== Segment start ==

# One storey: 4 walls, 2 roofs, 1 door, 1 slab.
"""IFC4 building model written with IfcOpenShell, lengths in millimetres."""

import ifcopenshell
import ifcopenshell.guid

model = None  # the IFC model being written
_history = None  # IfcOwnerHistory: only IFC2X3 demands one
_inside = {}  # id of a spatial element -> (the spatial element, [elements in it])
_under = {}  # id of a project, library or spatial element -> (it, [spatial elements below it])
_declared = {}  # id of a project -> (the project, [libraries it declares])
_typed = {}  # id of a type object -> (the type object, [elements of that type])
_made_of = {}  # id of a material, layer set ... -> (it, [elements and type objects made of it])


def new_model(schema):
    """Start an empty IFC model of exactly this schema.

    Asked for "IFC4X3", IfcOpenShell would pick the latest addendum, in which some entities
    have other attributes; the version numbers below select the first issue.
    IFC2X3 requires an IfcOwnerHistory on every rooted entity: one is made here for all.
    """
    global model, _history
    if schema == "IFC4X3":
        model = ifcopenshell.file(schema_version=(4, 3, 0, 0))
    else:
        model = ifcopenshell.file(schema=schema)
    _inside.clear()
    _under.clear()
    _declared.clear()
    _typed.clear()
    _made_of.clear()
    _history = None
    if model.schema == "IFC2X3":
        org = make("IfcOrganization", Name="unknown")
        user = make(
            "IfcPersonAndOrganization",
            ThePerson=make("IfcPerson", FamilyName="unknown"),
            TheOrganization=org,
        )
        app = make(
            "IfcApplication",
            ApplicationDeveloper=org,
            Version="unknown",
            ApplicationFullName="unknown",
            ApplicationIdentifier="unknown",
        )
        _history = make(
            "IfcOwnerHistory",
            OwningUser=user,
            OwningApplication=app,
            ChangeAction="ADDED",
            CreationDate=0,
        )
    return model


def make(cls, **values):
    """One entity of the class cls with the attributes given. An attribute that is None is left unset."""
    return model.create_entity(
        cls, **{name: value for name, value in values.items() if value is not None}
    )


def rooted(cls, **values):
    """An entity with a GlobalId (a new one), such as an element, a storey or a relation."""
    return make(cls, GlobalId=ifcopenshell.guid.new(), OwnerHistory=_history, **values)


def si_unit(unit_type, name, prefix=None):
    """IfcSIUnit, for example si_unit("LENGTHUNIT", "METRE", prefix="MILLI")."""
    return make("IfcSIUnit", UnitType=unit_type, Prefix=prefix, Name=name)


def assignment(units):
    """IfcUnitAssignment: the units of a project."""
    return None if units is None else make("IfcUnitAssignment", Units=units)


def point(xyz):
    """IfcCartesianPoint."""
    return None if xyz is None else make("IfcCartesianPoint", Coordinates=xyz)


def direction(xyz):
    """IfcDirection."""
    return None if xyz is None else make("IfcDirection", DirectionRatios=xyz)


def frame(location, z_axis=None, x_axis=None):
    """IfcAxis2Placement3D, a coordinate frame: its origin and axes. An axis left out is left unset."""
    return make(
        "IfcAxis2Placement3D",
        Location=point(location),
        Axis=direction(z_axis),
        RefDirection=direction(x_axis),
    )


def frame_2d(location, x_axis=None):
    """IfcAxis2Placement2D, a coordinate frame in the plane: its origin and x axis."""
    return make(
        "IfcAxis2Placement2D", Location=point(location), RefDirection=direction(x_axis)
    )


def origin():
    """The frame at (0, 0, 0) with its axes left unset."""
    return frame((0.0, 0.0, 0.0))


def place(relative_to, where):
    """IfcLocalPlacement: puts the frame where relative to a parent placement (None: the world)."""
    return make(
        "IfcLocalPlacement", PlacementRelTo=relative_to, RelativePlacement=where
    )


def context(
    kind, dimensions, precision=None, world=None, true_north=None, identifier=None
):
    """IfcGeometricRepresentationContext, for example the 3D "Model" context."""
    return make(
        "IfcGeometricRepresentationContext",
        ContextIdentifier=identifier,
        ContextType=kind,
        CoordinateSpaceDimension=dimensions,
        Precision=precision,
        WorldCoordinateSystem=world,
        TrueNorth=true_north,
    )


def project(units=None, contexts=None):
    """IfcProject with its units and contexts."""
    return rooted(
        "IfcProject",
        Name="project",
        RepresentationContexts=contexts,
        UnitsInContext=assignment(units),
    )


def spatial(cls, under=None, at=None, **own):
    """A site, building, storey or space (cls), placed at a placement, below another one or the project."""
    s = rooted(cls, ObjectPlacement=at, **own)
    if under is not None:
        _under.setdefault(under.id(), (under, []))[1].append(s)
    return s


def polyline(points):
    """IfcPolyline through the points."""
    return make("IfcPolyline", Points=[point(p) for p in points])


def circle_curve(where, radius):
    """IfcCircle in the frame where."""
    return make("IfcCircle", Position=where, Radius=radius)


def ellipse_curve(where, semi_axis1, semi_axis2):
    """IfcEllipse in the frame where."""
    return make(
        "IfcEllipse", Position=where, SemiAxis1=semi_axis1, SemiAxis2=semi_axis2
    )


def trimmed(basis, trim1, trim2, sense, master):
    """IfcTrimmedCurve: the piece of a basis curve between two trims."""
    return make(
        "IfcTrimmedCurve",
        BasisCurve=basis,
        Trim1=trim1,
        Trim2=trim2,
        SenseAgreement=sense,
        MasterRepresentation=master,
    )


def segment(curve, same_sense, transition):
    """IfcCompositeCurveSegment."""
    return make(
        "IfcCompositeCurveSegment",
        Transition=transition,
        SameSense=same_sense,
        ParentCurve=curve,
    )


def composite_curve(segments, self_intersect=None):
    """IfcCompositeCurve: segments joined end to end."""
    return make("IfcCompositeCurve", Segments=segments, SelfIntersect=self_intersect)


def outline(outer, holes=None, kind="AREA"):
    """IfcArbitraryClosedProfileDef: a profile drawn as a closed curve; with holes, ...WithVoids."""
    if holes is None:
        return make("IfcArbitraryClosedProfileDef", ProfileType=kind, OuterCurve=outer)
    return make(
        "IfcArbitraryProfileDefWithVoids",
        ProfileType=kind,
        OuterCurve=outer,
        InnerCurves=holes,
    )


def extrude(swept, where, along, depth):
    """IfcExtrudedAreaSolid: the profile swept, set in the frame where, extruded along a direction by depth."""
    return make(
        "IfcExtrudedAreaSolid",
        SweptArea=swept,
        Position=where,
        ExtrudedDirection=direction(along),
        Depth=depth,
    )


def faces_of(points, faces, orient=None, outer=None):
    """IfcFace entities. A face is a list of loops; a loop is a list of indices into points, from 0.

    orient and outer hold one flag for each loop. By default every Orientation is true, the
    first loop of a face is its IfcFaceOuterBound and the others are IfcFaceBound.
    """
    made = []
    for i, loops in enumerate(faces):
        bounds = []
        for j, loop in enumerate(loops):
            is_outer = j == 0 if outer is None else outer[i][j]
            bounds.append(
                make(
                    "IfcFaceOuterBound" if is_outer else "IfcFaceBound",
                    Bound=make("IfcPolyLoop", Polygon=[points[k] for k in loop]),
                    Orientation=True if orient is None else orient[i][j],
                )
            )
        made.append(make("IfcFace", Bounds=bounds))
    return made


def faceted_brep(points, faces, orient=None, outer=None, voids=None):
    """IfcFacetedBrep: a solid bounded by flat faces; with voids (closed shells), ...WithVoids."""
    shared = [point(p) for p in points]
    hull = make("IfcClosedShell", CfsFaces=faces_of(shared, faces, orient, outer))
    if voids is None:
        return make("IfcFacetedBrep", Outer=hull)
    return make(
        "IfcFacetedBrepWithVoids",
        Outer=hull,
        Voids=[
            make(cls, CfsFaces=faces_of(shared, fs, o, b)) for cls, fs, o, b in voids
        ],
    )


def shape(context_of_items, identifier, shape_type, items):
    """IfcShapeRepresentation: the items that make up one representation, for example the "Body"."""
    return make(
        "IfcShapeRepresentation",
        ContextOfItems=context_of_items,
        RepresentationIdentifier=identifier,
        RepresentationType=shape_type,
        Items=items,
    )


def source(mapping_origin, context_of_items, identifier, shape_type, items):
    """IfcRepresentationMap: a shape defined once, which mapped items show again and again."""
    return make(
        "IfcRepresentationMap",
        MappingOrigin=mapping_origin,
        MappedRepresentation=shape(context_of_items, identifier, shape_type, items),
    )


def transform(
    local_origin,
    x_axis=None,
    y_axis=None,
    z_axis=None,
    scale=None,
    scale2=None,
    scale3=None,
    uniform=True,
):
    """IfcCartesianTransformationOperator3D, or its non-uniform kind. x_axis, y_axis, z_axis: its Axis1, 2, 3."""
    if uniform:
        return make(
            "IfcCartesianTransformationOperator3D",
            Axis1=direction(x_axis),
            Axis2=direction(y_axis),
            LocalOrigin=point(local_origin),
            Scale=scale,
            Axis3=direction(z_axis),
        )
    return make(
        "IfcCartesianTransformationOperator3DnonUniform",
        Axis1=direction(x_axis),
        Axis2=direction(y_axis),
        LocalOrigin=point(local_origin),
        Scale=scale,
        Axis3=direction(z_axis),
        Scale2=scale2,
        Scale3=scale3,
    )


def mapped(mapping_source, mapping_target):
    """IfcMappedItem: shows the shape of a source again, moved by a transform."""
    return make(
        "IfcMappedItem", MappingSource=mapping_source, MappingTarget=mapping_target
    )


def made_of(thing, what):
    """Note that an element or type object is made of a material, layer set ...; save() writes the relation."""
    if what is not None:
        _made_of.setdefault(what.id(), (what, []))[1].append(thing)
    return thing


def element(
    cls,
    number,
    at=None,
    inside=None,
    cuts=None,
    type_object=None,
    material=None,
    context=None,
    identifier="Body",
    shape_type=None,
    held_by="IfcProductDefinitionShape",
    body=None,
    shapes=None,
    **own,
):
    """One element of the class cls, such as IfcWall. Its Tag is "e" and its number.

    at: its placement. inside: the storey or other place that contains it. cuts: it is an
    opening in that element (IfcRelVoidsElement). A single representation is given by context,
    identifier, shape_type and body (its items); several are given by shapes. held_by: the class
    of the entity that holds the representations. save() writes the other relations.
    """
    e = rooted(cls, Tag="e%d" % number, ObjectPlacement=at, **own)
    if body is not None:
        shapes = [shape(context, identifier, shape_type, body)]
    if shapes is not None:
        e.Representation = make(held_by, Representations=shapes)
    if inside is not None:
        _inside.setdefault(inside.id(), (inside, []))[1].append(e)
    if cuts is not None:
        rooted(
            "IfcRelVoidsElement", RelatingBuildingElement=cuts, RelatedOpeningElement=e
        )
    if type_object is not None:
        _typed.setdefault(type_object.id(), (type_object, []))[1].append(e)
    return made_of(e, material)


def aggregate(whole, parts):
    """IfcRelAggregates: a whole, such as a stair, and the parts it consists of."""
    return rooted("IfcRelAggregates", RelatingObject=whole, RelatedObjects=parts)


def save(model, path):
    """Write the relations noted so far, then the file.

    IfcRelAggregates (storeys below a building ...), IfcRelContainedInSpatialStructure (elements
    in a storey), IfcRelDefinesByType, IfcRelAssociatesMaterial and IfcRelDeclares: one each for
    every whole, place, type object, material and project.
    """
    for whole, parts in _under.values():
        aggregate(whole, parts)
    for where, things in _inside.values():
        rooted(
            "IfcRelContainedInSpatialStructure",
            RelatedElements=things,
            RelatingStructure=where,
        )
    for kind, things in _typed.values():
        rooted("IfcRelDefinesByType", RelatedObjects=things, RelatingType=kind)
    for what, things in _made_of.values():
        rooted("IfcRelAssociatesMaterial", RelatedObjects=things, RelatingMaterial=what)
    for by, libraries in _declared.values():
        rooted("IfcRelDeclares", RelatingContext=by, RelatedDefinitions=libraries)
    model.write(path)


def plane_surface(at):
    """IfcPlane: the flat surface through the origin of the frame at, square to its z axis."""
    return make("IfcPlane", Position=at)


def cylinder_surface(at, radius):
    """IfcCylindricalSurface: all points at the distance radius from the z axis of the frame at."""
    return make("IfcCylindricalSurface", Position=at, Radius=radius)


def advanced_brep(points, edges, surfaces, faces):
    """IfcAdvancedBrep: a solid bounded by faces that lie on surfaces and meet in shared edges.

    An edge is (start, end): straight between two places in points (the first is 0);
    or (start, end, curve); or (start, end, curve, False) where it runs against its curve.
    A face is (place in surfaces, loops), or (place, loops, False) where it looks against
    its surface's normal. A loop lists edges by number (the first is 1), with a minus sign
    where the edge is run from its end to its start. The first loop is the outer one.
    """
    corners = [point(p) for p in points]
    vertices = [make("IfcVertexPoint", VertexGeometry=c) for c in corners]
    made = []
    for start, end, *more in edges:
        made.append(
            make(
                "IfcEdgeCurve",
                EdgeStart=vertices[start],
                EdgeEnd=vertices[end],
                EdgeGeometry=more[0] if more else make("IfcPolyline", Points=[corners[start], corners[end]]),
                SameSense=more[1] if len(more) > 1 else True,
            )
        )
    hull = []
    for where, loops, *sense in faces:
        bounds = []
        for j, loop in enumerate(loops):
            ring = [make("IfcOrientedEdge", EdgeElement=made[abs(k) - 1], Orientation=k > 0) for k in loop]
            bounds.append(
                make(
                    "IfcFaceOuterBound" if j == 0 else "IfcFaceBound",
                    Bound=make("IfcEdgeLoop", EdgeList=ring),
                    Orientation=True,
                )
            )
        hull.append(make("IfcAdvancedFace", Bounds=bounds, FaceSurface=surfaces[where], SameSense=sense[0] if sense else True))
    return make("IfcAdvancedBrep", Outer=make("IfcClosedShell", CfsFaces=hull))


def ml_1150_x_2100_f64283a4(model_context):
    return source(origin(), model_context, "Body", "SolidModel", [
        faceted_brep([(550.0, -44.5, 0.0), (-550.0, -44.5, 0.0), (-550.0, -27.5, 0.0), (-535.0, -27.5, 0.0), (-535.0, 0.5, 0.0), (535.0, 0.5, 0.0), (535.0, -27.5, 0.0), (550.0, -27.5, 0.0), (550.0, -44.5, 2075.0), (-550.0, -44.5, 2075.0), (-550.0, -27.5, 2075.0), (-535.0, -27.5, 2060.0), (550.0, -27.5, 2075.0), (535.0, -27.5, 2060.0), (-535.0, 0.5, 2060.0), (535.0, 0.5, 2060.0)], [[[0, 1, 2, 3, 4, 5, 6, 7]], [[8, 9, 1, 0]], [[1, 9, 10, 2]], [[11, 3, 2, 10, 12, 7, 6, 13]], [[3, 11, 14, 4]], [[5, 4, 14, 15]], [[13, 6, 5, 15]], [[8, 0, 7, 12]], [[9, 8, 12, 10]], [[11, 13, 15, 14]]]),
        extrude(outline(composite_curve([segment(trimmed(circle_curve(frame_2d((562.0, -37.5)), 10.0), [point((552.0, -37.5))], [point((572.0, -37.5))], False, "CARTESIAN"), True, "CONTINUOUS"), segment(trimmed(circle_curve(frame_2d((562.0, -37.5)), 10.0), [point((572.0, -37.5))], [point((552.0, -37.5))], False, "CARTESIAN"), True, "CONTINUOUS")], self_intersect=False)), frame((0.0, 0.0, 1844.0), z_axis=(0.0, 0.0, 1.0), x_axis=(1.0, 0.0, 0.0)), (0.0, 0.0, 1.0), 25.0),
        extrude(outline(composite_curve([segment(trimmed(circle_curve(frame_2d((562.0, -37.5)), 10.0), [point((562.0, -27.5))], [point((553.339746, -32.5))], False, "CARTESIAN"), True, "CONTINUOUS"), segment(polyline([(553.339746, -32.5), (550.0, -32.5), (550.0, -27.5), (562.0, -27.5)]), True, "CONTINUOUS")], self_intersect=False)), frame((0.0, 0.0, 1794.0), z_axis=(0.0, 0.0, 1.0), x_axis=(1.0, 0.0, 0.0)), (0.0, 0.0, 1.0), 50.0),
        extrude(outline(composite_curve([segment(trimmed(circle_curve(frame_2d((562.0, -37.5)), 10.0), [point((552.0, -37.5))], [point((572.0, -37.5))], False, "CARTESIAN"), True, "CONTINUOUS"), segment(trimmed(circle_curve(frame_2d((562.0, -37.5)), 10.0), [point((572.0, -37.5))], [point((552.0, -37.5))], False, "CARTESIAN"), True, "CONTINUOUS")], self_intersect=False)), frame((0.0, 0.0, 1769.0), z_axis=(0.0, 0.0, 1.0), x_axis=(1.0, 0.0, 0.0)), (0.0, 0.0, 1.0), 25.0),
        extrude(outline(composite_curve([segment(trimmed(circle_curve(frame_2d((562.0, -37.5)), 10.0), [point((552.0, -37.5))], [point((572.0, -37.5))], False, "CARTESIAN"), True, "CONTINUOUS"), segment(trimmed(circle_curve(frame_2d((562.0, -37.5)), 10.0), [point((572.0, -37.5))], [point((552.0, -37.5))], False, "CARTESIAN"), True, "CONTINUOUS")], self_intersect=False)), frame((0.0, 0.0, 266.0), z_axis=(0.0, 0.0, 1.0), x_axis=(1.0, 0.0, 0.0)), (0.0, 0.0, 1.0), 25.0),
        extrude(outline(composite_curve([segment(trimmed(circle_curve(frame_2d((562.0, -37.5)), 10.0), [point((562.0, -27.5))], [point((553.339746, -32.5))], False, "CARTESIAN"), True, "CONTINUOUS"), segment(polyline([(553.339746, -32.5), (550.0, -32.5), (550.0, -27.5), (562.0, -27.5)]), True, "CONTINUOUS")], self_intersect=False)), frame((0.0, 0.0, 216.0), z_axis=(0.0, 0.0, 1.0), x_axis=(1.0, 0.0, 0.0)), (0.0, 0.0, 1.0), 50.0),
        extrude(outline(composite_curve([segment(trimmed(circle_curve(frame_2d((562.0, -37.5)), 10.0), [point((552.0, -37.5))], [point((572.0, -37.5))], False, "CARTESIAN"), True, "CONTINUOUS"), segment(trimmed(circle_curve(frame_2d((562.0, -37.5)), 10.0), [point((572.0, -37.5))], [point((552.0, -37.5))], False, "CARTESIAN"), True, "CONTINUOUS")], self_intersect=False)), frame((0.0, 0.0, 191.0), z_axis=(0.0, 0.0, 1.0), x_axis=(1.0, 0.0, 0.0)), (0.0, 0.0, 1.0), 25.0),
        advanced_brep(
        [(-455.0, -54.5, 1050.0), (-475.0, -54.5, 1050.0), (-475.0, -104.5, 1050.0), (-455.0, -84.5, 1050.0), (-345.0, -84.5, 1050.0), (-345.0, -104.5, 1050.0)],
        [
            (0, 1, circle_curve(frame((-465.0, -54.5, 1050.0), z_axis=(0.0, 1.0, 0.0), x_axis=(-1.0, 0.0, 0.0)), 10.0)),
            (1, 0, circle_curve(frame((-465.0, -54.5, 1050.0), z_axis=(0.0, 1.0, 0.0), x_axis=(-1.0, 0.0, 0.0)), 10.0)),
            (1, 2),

== Segment end ==

[Work to be completed] Only lines with the word "IfcRelDefinesByType" go in the answer. Take them all from the entries above.

[Exercise answer]
    in a storey), IfcRelDefinesByType, IfcRelAssociatesMaterial and IfcRelDeclares: one each for
        rooted("IfcRelDefinesByType", RelatedObjects=things, RelatingType=kind)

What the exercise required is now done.